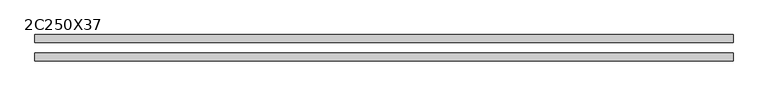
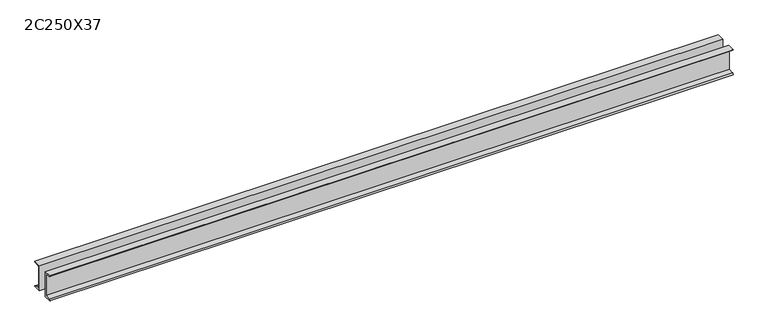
"""IFC4 building model written with IfcOpenShell, lengths in millimetres: beam geometry, Profilato a doppia C : 2C250X37."""

from ifc_helpers import new_model, si_unit, point, frame, frame_2d, origin, place, context, project, spatial, polyline, circle_curve, trimmed, segment, composite_curve, outline, extrude, source, transform, mapped, element, save


def beam_2c250x37_2629953b(model_context):
    return source(origin(), model_context, "Body", "SweptSolid", [
        extrude(outline(composite_curve([segment(polyline([(50.0, 127.0), (123.3, 127.0)]), True, "CONTINUOUS"), segment(trimmed(circle_curve(frame_2d((112.2, 127.0)), 11.1), [point((123.3, 127.0))], [point((112.2, 115.9))], False, "CARTESIAN"), True, "CONTINUOUS"), segment(polyline([(112.2, 115.9), (63.4, 108.1708393), (63.4, -108.1708393), (112.2, -115.9)]), True, "CONTINUOUS"), segment(trimmed(circle_curve(frame_2d((112.2, -127.0)), 11.1), [point((112.2, -115.9))], [point((123.3, -127.0))], False, "CARTESIAN"), True, "CONTINUOUS"), segment(polyline([(123.3, -127.0), (50.0, -127.0), (50.0, 127.0)]), True, "CONTINUOUS")], self_intersect=False)), frame((-3287.5, 0.0, 0.0), z_axis=(1.0, 0.0, 0.0), x_axis=(0.0, 1.0, 0.0)), (0.0, 0.0, 1.0), 6575.0),
        extrude(outline(composite_curve([segment(polyline([(-50.0, 127.0), (-50.0, -127.0), (-123.3, -127.0)]), True, "CONTINUOUS"), segment(trimmed(circle_curve(frame_2d((-112.2, -127.0)), 11.1), [point((-123.3, -127.0))], [point((-112.2, -115.9))], False, "CARTESIAN"), True, "CONTINUOUS"), segment(polyline([(-112.2, -115.9), (-63.4, -108.1708393), (-63.4, 108.1708393), (-112.2, 115.9)]), True, "CONTINUOUS"), segment(trimmed(circle_curve(frame_2d((-112.2, 127.0)), 11.1), [point((-112.2, 115.9))], [point((-123.3, 127.0))], False, "CARTESIAN"), True, "CONTINUOUS"), segment(polyline([(-123.3, 127.0), (-50.0, 127.0)]), True, "CONTINUOUS")], self_intersect=False)), frame((-3287.5, 0.0, 0.0), z_axis=(1.0, 0.0, 0.0), x_axis=(0.0, 1.0, 0.0)), (0.0, 0.0, 1.0), 6575.0),
    ])


if __name__ == "__main__":
    model = new_model("IFC4")
    model_context = context("Model", 3, world=origin())
    ifc_project = project(units=[si_unit("LENGTHUNIT", "METRE", prefix="MILLI")], contexts=[model_context])
    site = spatial("IfcSite", under=ifc_project)
    building = spatial("IfcBuilding", under=site)
    placement = place(None, origin())
    beam_2c250x37_shape = beam_2c250x37_2629953b(model_context)
    element("IfcBeam", 1, ObjectType="Profilato a doppia C : 2C250X37", at=placement, inside=building, context=model_context, shape_type="MappedRepresentation", body=[
        mapped(beam_2c250x37_shape, transform((0.0, 0.0, 0.0), x_axis=(1.0, 0.0, 0.0), y_axis=(0.0, 1.0, 0.0), z_axis=(0.0, 0.0, 1.0))),
    ])
    save(model, "model.ifc")
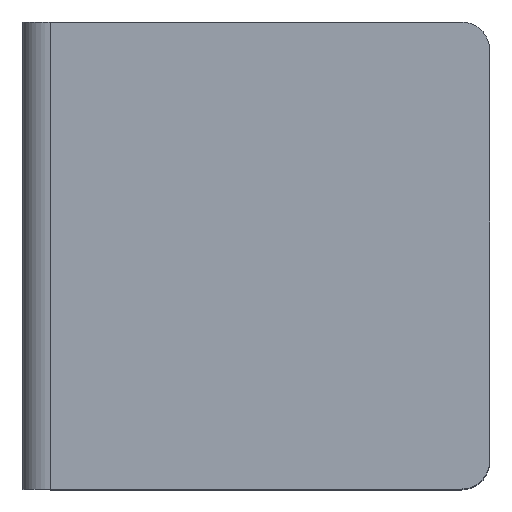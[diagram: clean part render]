
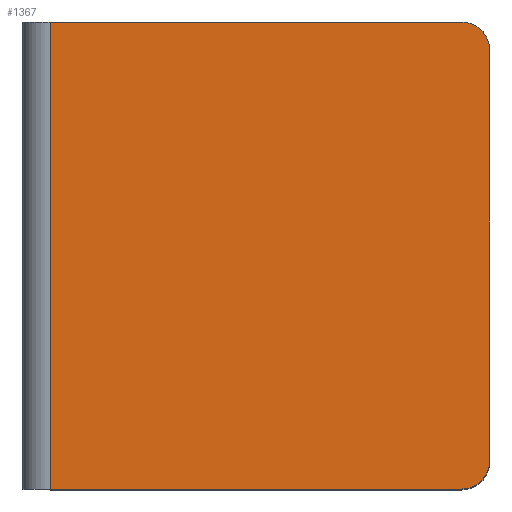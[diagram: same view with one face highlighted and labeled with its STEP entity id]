
A CAD part, top view. The second image highlights one B-rep face of the part: STEP entity #1367.
In plain terms, the highlighted planar face has unit normal (0, 0, 1).
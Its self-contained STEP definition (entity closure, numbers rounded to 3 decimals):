
#7 = DIRECTION ( 'NONE',  ( -1., 0., 0. ) ) ;
#62 = VERTEX_POINT ( 'NONE', #1305 ) ;
#86 = EDGE_CURVE ( 'NONE', #62, #1228, #1093, .T. ) ;
#97 = VECTOR ( 'NONE', #275, 1000. ) ;
#154 = LINE ( 'NONE', #946, #97 ) ;
#183 = VECTOR ( 'NONE', #630, 1000. ) ;
#188 = CARTESIAN_POINT ( 'NONE',  ( 399., 0., 475. ) ) ;
#210 = CIRCLE ( 'NONE', #873, 25. ) ;
#213 = CIRCLE ( 'NONE', #365, 25. ) ;
#225 = CARTESIAN_POINT ( 'NONE',  ( 399., 395., 475. ) ) ;
#251 = VERTEX_POINT ( 'NONE', #900 ) ;
#255 = EDGE_LOOP ( 'NONE', ( #481, #1331, #536, #568, #1104, #390 ) ) ;
#275 = DIRECTION ( 'NONE',  ( 1., 0., 0. ) ) ;
#315 = CARTESIAN_POINT ( 'NONE',  ( 29., 0., 475. ) ) ;
#331 = FACE_OUTER_BOUND ( 'NONE', #255, .T. ) ;
#338 = DIRECTION ( 'NONE',  ( -1., 0., 0. ) ) ;
#365 = AXIS2_PLACEMENT_3D ( 'NONE', #225, #1241, #338 ) ;
#368 = VECTOR ( 'NONE', #1001, 1000. ) ;
#390 = ORIENTED_EDGE ( 'NONE', *, *, #942, .T. ) ;
#481 = ORIENTED_EDGE ( 'NONE', *, *, #1068, .F. ) ;
#536 = ORIENTED_EDGE ( 'NONE', *, *, #799, .F. ) ;
#568 = ORIENTED_EDGE ( 'NONE', *, *, #86, .T. ) ;
#577 = CARTESIAN_POINT ( 'NONE',  ( 399., 420., 475. ) ) ;
#630 = DIRECTION ( 'NONE',  ( 0., -1., 0. ) ) ;
#674 = VERTEX_POINT ( 'NONE', #805 ) ;
#676 = DIRECTION ( 'NONE',  ( 0., 0., -1. ) ) ;
#754 = CARTESIAN_POINT ( 'NONE',  ( 399., 25., 475. ) ) ;
#777 = CARTESIAN_POINT ( 'NONE',  ( 29., 420., 475. ) ) ;
#799 = EDGE_CURVE ( 'NONE', #62, #1436, #154, .T. ) ;
#805 = CARTESIAN_POINT ( 'NONE',  ( 424., 25., 475. ) ) ;
#821 = CARTESIAN_POINT ( 'NONE',  ( 424., 420., 475. ) ) ;
#873 = AXIS2_PLACEMENT_3D ( 'NONE', #754, #1308, #1207 ) ;
#900 = CARTESIAN_POINT ( 'NONE',  ( 424., 395., 475. ) ) ;
#916 = PLANE ( 'NONE',  #1136 ) ;
#941 = CARTESIAN_POINT ( 'NONE',  ( 29., 420., 475. ) ) ;
#942 = EDGE_CURVE ( 'NONE', #1240, #674, #210, .T. ) ;
#946 = CARTESIAN_POINT ( 'NONE',  ( 29., 420., 475. ) ) ;
#952 = DIRECTION ( 'NONE',  ( 0., -1., 0. ) ) ;
#1001 = DIRECTION ( 'NONE',  ( 1., 0., 0. ) ) ;
#1005 = EDGE_CURVE ( 'NONE', #251, #1436, #213, .T. ) ;
#1019 = LINE ( 'NONE', #1225, #368 ) ;
#1068 = EDGE_CURVE ( 'NONE', #251, #674, #1379, .T. ) ;
#1093 = LINE ( 'NONE', #941, #183 ) ;
#1104 = ORIENTED_EDGE ( 'NONE', *, *, #1364, .T. ) ;
#1136 = AXIS2_PLACEMENT_3D ( 'NONE', #777, #676, #7 ) ;
#1207 = DIRECTION ( 'NONE',  ( -1., 0., 0. ) ) ;
#1225 = CARTESIAN_POINT ( 'NONE',  ( 29., 0., 475. ) ) ;
#1228 = VERTEX_POINT ( 'NONE', #315 ) ;
#1240 = VERTEX_POINT ( 'NONE', #188 ) ;
#1241 = DIRECTION ( 'NONE',  ( 0., 0., 1. ) ) ;
#1305 = CARTESIAN_POINT ( 'NONE',  ( 29., 420., 475. ) ) ;
#1308 = DIRECTION ( 'NONE',  ( 0., 0., 1. ) ) ;
#1331 = ORIENTED_EDGE ( 'NONE', *, *, #1005, .T. ) ;
#1364 = EDGE_CURVE ( 'NONE', #1228, #1240, #1019, .T. ) ;
#1367 = ADVANCED_FACE ( 'NONE', ( #331 ), #916, .F. ) ;
#1379 = LINE ( 'NONE', #821, #1458 ) ;
#1436 = VERTEX_POINT ( 'NONE', #577 ) ;
#1458 = VECTOR ( 'NONE', #952, 1000. ) ;

********

Scan the data above and copy each line containing the word "doppia".

"""IFC4 building model written with IfcOpenShell, lengths in millimetres: beam geometry, Profilato a doppia C : 2C250X37."""
    element("IfcBeam", 1, ObjectType="Profilato a doppia C : 2C250X37", at=placement, inside=building, context=model_context, shape_type="MappedRepresentation", body=[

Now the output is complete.